Ryan Garcia, Teofimo Lopez are here to lead boxing's new generation

Something changed in boxing, fairly dramatically, when Ryan Garcia caught Luke Campbell with a perfectly placed liver shot on Saturday in Dallas.

Garcia won the interim WBC lightweight championship in the process, but this sport already has too many title-holders, so the significance of his victory has little to do with the fact he’s probably the 436th active boxer who can call himself a world champion.

The significance of Garcia’s win, like Teofimo Lopez’s victory over Vasiliy Lomachenko in their IBF-WBA-WBO title fight in October, is that they see themselves as the leaders of a new generation of fighters who aren’t beholden to the mores of boxing’s ignominious past.

They are in one of the sport’s hottest divisions, and they’re eager to take on the biggest challenges.

Simply put, they want to fight the type of fights that get the general public excited.

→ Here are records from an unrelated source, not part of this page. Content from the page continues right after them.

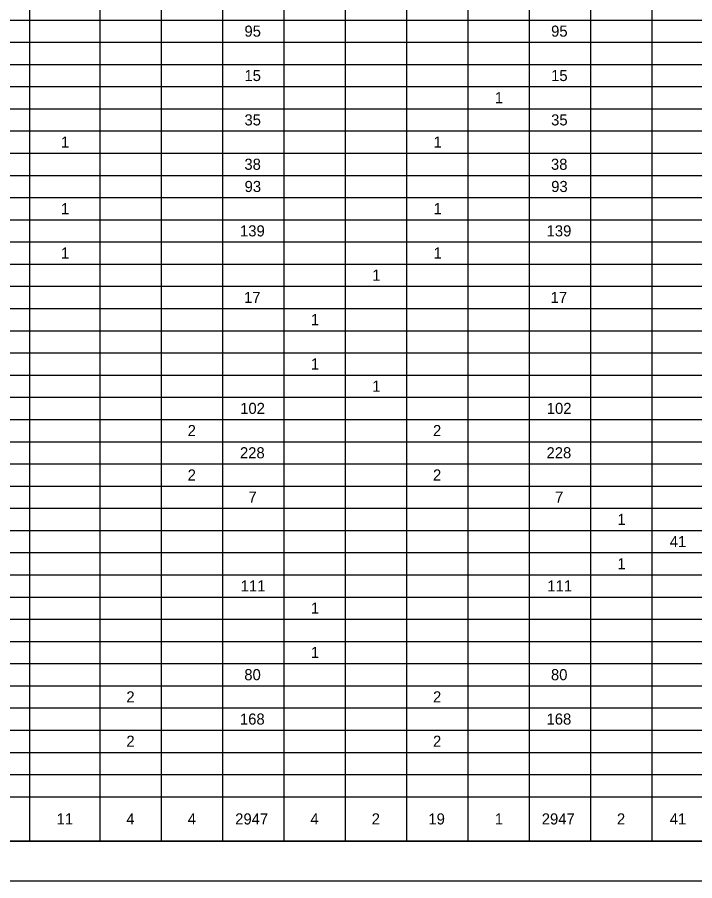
# Model space of a CAD drawing. Extents: x 0 to 34, y 0 to 22.
# Drawn here: x 17.13 to 25.68, y 0 to 10.89 of the extents above; entities that cross this region are included whole.
import ezdxf

# ---------------------------------------------------------------- set-up
doc = ezdxf.new("R2010")
doc.units = 0
for name, color, linetype in [('Default', 7, 'Continuous'), ('SH_Border', 7, 'Continuous'), ('SH_Cut_Line', 7, 'Continuous')]:
    doc.layers.add(name, color=color, linetype=linetype)

msp = doc.modelspace()

# ---------------------------------------------------------------- linework, layer by layer
at = {"layer": 'Default'}
for p, q in [((17.279, 21.5), (17.279, 0.5)), ((18.168, 21.5), (18.168, 0.5)), ((18.942, 21.5), (18.942, 0.5)), ((19.716, 21.5), (19.716, 0.5)), ((20.491, 21.5), (20.491, 0.5)), ((21.265, 21.5), (21.265, 0.5)), ((22.039, 21.5), (22.039, 0.5)), ((22.813, 21.5), (22.813, 0.5)), ((23.587, 21.5), (23.587, 0.5)), ((24.361, 21.5), (24.361, 0.5)), ((25.135, 21.5), (25.135, 0.5)), ((1.5, 10.86), (31.724, 10.86)), ((1.5, 10.58), (31.724, 10.58)), ((1.5, 10.3), (31.724, 10.3)), ((1.5, 10.02), (31.724, 10.02)), ((1.5, 9.74), (31.724, 9.74)), ((1.5, 9.46), (31.724, 9.46)), ((1.5, 9.18), (31.724, 9.18)), ((1.5, 8.9), (31.724, 8.9)), ((1.5, 8.62), (31.724, 8.62)), ((1.5, 8.34), (31.724, 8.34)), ((1.5, 8.06), (31.724, 8.06)), ((1.5, 7.78), (31.724, 7.78)), ((1.5, 7.5), (31.724, 7.5)), ((1.5, 7.22), (31.724, 7.22)), ((1.5, 6.94), (31.724, 6.94)), ((1.5, 6.66), (31.724, 6.66)), ((1.5, 6.38), (31.724, 6.38)), ((1.5, 6.1), (31.724, 6.1)), ((1.5, 5.82), (31.724, 5.82)), ((1.5, 5.54), (31.724, 5.54)), ((1.5, 5.26), (31.724, 5.26)), ((1.5, 4.98), (31.724, 4.98)), ((1.5, 4.7), (31.724, 4.7)), ((1.5, 4.42), (31.724, 4.42)), ((1.5, 4.14), (31.724, 4.14)), ((1.5, 3.86), (31.724, 3.86)), ((1.5, 3.58), (31.724, 3.58)), ((1.5, 3.3), (31.724, 3.3)), ((1.5, 3.02), (31.724, 3.02)), ((1.5, 2.74), (31.724, 2.74)), ((1.5, 2.46), (31.724, 2.46)), ((1.5, 2.18), (31.724, 2.18)), ((1.5, 1.9), (31.724, 1.9)), ((1.5, 1.62), (31.724, 1.62)), ((1.5, 1.34), (31.724, 1.34)), ((1.5, 1.06), (31.724, 1.06)), ((1.5, 0.5), (31.724, 0.5))]:
    msp.add_line(p, q, dxfattribs=at)
at = {"layer": 'SH_Border'}
msp.add_lwpolyline([(1.5, 21.5), (33.5, 21.5), (33.5, 0.5), (1.5, 0.5)], close=True, dxfattribs=at)
at = {"layer": 'SH_Cut_Line'}
msp.add_lwpolyline([(0, 0), (34, 0), (34, 22), (0, 22)], close=True, dxfattribs=at)

# ---------------------------------------------------------------- texts
at = {"layer": 'Default'}
for s, p in [('95', (19.994, 10.65)), ('95', (23.865, 10.65)), ('15', (19.994, 10.09)), ('15', (23.865, 10.09)), ('1', (23.154, 9.81)), ('35', (19.994, 9.53)), ('35', (23.865, 9.53)), ('1', (17.678, 9.25)), ('1', (22.38, 9.25)), ('38', (19.993, 8.97)), ('38', (23.863, 8.97)), ('93', (19.996, 8.69)), ('93', (23.866, 8.69)), ('1', (17.678, 8.41)), ('1', (22.38, 8.41)), ('139', (19.938, 8.13)), ('139', (23.808, 8.13)), ('1', (17.678, 7.85)), ('1', (22.38, 7.85)), ('1', (21.606, 7.57)), ('17', (19.989, 7.29)), ('17', (23.859, 7.29)), ('1', (20.832, 7.01)), ('1', (20.832, 6.45)), ('1', (21.606, 6.17)), ('102', (19.94, 5.89)), ('102', (23.81, 5.89)), ('2', (19.277, 5.61)), ('2', (22.374, 5.61)), ('228', (19.937, 5.33)), ('228', (23.807, 5.33)), ('2', (19.277, 5.05)), ('2', (22.374, 5.05)), ('7', (20.044, 4.77)), ('7', (23.915, 4.77)), ('1', (24.702, 4.49)), ('41', (25.363, 4.21)), ('1', (24.702, 3.93)), ('111', (19.946, 3.65)), ('111', (23.817, 3.65)), ('1', (20.832, 3.37)), ('1', (20.832, 2.81)), ('80', (19.992, 2.53)), ('80', (23.863, 2.53)), ('2', (18.503, 2.25)), ('2', (22.374, 2.25)), ('168', (19.937, 1.97)), ('168', (23.807, 1.97)), ('2', (18.503, 1.69)), ('2', (22.374, 1.69)), ('11', (17.622, 0.71)), ('4', (18.503, 0.71)), ('4', (19.278, 0.71)), ('2947', (19.877, 0.71)), ('4', (20.826, 0.71)), ('2', (21.6, 0.71)), ('19', (22.316, 0.71)), ('1', (23.154, 0.71)), ('2947', (23.747, 0.71)), ('2', (24.696, 0.71)), ('41', (25.363, 0.71))]:
    msp.add_text(s, height=0.14, dxfattribs=at).set_placement(p)

doc.saveas('drawing.dxf')
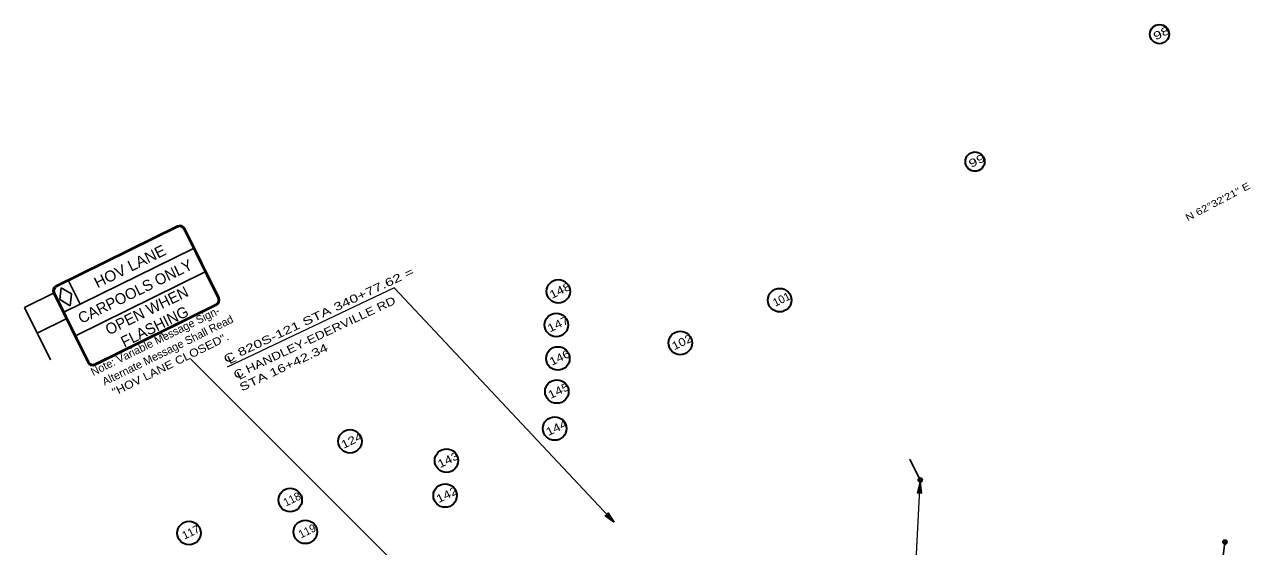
# Model space of a CAD drawing. Extents: x 2356431 to 2371438, y 6972864 to 6982525.
# Drawn here: x 2360660 to 2362804, y 6977631 to 6978545 of the extents above; entities that cross this region are included whole.
import ezdxf
from ezdxf.enums import TextEntityAlignment as Align

# ---------------------------------------------------------------- set-up
doc = ezdxf.new("R2010")
doc.units = 0
doc.header["$LTSCALE"] = 5.6
for name, color, linetype, lineweight in [('17', 7, 'Continuous', 35), ('28', 7, 'Continuous', 35), ('48', 7, 'Continuous', 25), ('61', 7, 'Continuous', 13)]:
    doc.layers.add(name, color=color, linetype=linetype, lineweight=lineweight)
doc.layers.add('25', color=7, linetype='Continuous')

msp = doc.modelspace()

# ---------------------------------------------------------------- hatches: boundary and pattern name
at = {"layer": '48'}
for points in [[(2362226.507, 6977743.821), (2362221.573, 6977724.918), (2362228.761, 6977724.424)], [(2362230.281, 6977747.51, 1), (2362222.818, 6977747.595, 1)], [(2361691.155, 6977673.757), (2361680.461, 6977690.113), (2361675.268, 6977685.126)], [(2362762.671, 6977636.736, 1), (2362756.501, 6977640.935, 1)]]:
    msp.add_hatch(color=256, dxfattribs=at).paths.add_polyline_path(points)

# ---------------------------------------------------------------- linework, layer by layer
at = {"layer": '17'}
for centre, radius in [((2362645.174, 6978528.128), 16.828), ((2362322.321, 6978304.964), 16.828), ((2361593.451, 6978077.847), 20.576), ((2361980.783, 6978062.433), 20.576), ((2361589.945, 6978019.063), 20.576), ((2361806.763, 6977987.557), 20.576), ((2361592.671, 6977960.403), 20.576), ((2361590.852, 6977902.452), 20.576), ((2361587.158, 6977837.672), 20.576), ((2361228.952, 6977815.325), 20.576), ((2361397.718, 6977781.557), 20.576), ((2361395.383, 6977720.4), 20.576), ((2361124.414, 6977712.58), 20.576), ((2360947.375, 6977654.716), 20.576), ((2361150.898, 6977656.793), 20.576)]:
    msp.add_circle(centre, radius, dxfattribs=at)
at = {"layer": '48'}
for p, q in [((2360714.531, 6978087.535), (2360927, 6978192.391)), ((2360716.392, 6978086.464), (2360926.71, 6978190.268)), ((2360939.801, 6978188.049), (2360974.988, 6978116.756)), ((2360999.842, 6978066.381), (2360939.801, 6978188.049)), ((2360997.705, 6978066.659), (2360938.726, 6978186.19)), ((2360728.645, 6978041.376), (2360955.046, 6978153.12)), ((2360748.934, 6978000.257), (2360975.34, 6978112.001)), ((2360721.565, 6978063.346), (2360723.891, 6978083.847)), ((2360723.891, 6978083.847), (2360741.577, 6978073.22)), ((2360736.706, 6978096.492), (2360757.001, 6978055.371)), ((2360659.579, 6978049.748), (2360710.189, 6978074.726)), ((2360710.189, 6978074.726), (2360770.231, 6977953.054)), ((2360712.325, 6978074.448), (2360771.31, 6977954.919)), ((2360721.565, 6978063.346), (2360739.253, 6978052.719)), ((2360739.253, 6978052.719), (2360741.577, 6978073.22)), ((2360659.579, 6978049.748), (2360704.915, 6977957.887)), ((2360995.502, 6978053.58), (2360783.04, 6977948.711)), ((2360993.632, 6978054.657), (2360783.317, 6977950.852)), ((2360681.709, 6978004.91), (2360732.316, 6978029.888)), ((2362208.506, 6977784.138), (2362226.55, 6977747.553)), ((2362759.58, 6977638.842), (2362749.046, 6977556.87))]:
    msp.add_line(p, q, dxfattribs=at)
at = {"layer": '48', "lineweight": 13}
for p, q in [((2361306.403, 6978084.124), (2361014.281, 6977945.058)), ((2361691.155, 6977673.757), (2361306.403, 6978084.124)), ((2360898.094, 6978005.5), (2360903.519, 6978000.078)), ((2360950.551, 6977959.272), (2361426.415, 6977483.624)), ((2362205.326, 6977319.927), (2362226.507, 6977743.821))]:
    msp.add_line(p, q, dxfattribs=at)
at = {"layer": '48'}
for points in [[(2362226.507, 6977743.821), (2362221.573, 6977724.918), (2362228.761, 6977724.424)], [(2361691.155, 6977673.757), (2361680.461, 6977690.113), (2361675.268, 6977685.126)]]:
    msp.add_lwpolyline(points, close=True, dxfattribs=at)
for centre in [(2362226.55, 6977747.553), (2362759.586, 6977638.836)]:
    msp.add_circle(centre, 3.732, dxfattribs=at)
for centre, radius, start, end in [((2360930.686, 6978182.213), 8.966, 26.26515, 116.26515), ((2360931.229, 6978183.814), 9.563, 26.26515, 116.26515), ((2360718.763, 6978078.958), 9.563, 116.26456, 206.26456), ((2360720.364, 6978078.415), 8.966, 116.26456, 206.26456), ((2360989.665, 6978062.692), 8.966, 296.26515, 26.26515), ((2360991.266, 6978062.149), 9.563, 296.26515, 26.26515), ((2360778.807, 6977957.286), 9.563, 206.26456, 296.26456), ((2360779.35, 6977958.887), 8.966, 206.26456, 296.26456)]:
    msp.add_arc(centre, radius, start, end, dxfattribs=at)

# ---------------------------------------------------------------- texts
at = {"layer": '17'}
for s, width, p in [('98', 1.4, (2362651.47, 6978523.428)), ('99', 1.4, (2362328.615, 6978300.265)), ('148', 1.25, (2361599.646, 6978073.098)), ('147', 1.25, (2361596.141, 6978014.315)), ('102', 1.2, (2361813.009, 6977982.832)), ('146', 1.2, (2361598.867, 6977955.654)), ('145', 1.25, (2361597.047, 6977897.703)), ('144', 1.25, (2361593.353, 6977832.923)), ('124', 1.25, (2361235.147, 6977810.576)), ('143', 1.25, (2361403.913, 6977776.808)), ('142', 1.25, (2361401.578, 6977715.651))]:
    msp.add_text(s, height=14, rotation=26.268, dxfattribs=dict(at, width=width)).set_placement(p, align=Align.CENTER)
for s, p in [('101', (2361986.979, 6978057.685)), ('118', (2361130.61, 6977707.831)), ('117', (2360953.57, 6977649.967)), ('119', (2361157.094, 6977652.044))]:
    msp.add_text(s, height=14, rotation=26.268, dxfattribs=at).set_placement(p, align=Align.CENTER)
at = {"layer": '25'}
for s, width, p in [('C 820S-121 STA 340+77.62 =', 1.45, (2361012.017, 6977951.808)), ('C HANDLEY-EDERVILLE RD', 1.25, (2361029.396, 6977924.24)), ('STA 16+42.34', 1.4, (2361039.642, 6977902.535)), ('L', 1.4, (2361018.321, 6977950.13)), ('L', 1.4, (2361034.867, 6977922.649))]:
    msp.add_text(s, height=14, rotation=25.268, dxfattribs=dict(at, width=width)).set_placement(p)
at = {"layer": '28', "width": 1.25}
msp.add_text('N 62°32\'21" E', height=12, rotation=27.784, dxfattribs=at).set_placement((2362749.804, 6978229.515), align=Align.CENTER)
at = {"layer": '48', "width": 1.05}
msp.add_text('HOV LANE', height=19.13, rotation=26.264, dxfattribs=at).set_placement((2360848.074, 6978113), align=Align.CENTER)
at = {"layer": '48'}
for s, p in [('CARPOOLS ONLY', (2360857.319, 6978069.196)), ('OPEN WHEN', (2360877.69, 6978035.582)), ('FLASHING', (2360891.463, 6978007.67))]:
    msp.add_text(s, height=19.13, rotation=26.264, dxfattribs=at).set_placement(p, align=Align.CENTER)
at = {"layer": '61'}
for s, p in [('Note: Variable Message Sign-', (2360779.773, 6977929.365)), ('  Alternate Message Shall Read', (2360790.395, 6977907.842))]:
    msp.add_text(s, height=14, rotation=26.268, dxfattribs=at).set_placement(p)
at = {"layer": '61', "width": 1.15}
msp.add_text('   "HOV LANE CLOSED".', height=14, rotation=26.268, dxfattribs=at).set_placement((2360801.018, 6977886.32))

doc.saveas('drawing.dxf')

For both of them, those fights exist. At this point, Lopez is clearly the cream of the lightweight crop, but Gervonta Davis and Devin Haney are also factors in this class. Each would make a good opponent for Garcia and Lopez.

Haney was in Dallas watching Garcia, and the fans who attended began to chant for a Garcia-Haney fight when Garcia asked them who they wanted to see him fight next.

So great, go with that fight and let Lopez and Davis fight each other. Both would be remarkable fights.

Garcia and Haney are both extraordinarily fast-handed and physically gifted. Lopez and Davis are both extremely heavy-handed.

The winners would be exponentially bigger than they are now as a result, and would make for a massive unification bout.

Imagine, for a second, how big Lopez would be if, for the sake of argument, he were to defeat Davis. At that point, he’d be coming off back-to-back victories over Lomachenko and Davis and would remain undefeated with three of the four belts. And he’d still only be 23 years old.

DALLAS, TEXAS - JANUARY 02: Ryan Garcia celebrates with Saul Canelo Alvarez after his victory against Luke Campbell at American Airlines Center on January 02, 2021 in Dallas, Texas. (Photo by Tom Hogan/Golden Boy Promotions via Getty Images)
Ryan Garcia celebrates with Saul "Canelo" Alvarez after his victory against Luke Campbell at American Airlines Center on January 02, 2021 in Dallas, Texas. (Photo by Tom Hogan/Golden Boy Promotions via Getty Images)

Until now, Garcia has been known more for his massive social media following than for his boxing skills, though he clearly proved any doubters wrong when he dismantled Luke Campbell, a 2012 Olympic gold medalist, on Saturday. Garcia was decked in the second, but that happens when a fighter is offensive and fighting to win, as Garcia was doing. But he won every other round and showed his mettle by the way he responded.

Anyone who rips him for getting dropped doesn’t understand the sport or its history. It seemed like in his early days as welterweight champion, Felix Trinidad was dropped each time and didn’t get rolling until he pulled himself off of the canvas. In 1963, Muhammad Ali, then known as Cassius Clay, was dropped by Henry Cooper.

It’s part of the sport. It’s how one reacts to being dropped, and Garcia reacted flawlessly.

If Garcia were able to defeat Haney, a fight with Lopez would be one of the biggest of the year.

Beyond what they will do for their own careers, they have the great potential to impact the way their peers behave, and that’s what is exciting about this.

Yes, fighters deserve to be paid; this is a brutal business. And nobody is asking them, to borrow an old Floyd Mayweather term, to fight for slave wages.

But the boxers have the power to crash all the political boundaries down that prevent great fights from being made. If welterweight champions Terence Crawford and Errol Spence Jr. demanded today that their promoters match them next, it would happen pronto.

Garcia and Lopez have both insisted they’re not going to let things like which television network a potential opponent is affiliated with prevent a quality fight from occurring.

And if you look at some of the most significant fighters in history, look at the opposition they faced. They all faced scores of champions and future Hall of Famers.

Ali, for instance, was 11-3 against men who wound up in the International Boxing Hall of Fame.

Those kinds of fights — champion versus champion and future Hall of Famer versus future Hall of Famer —are the type that invigorate the sport and force people to take notice.

And when they do, they see the other good things happening in the sport.

There is a lot of elite young talent in boxing now. Guys like Teofimo Lopez and Ryan Garcia can have a huge impact on making the public at large far more aware of that young talent than they are now.

They need to translate their words into action. so gentlemen, the stage is yours. The clock is ticking.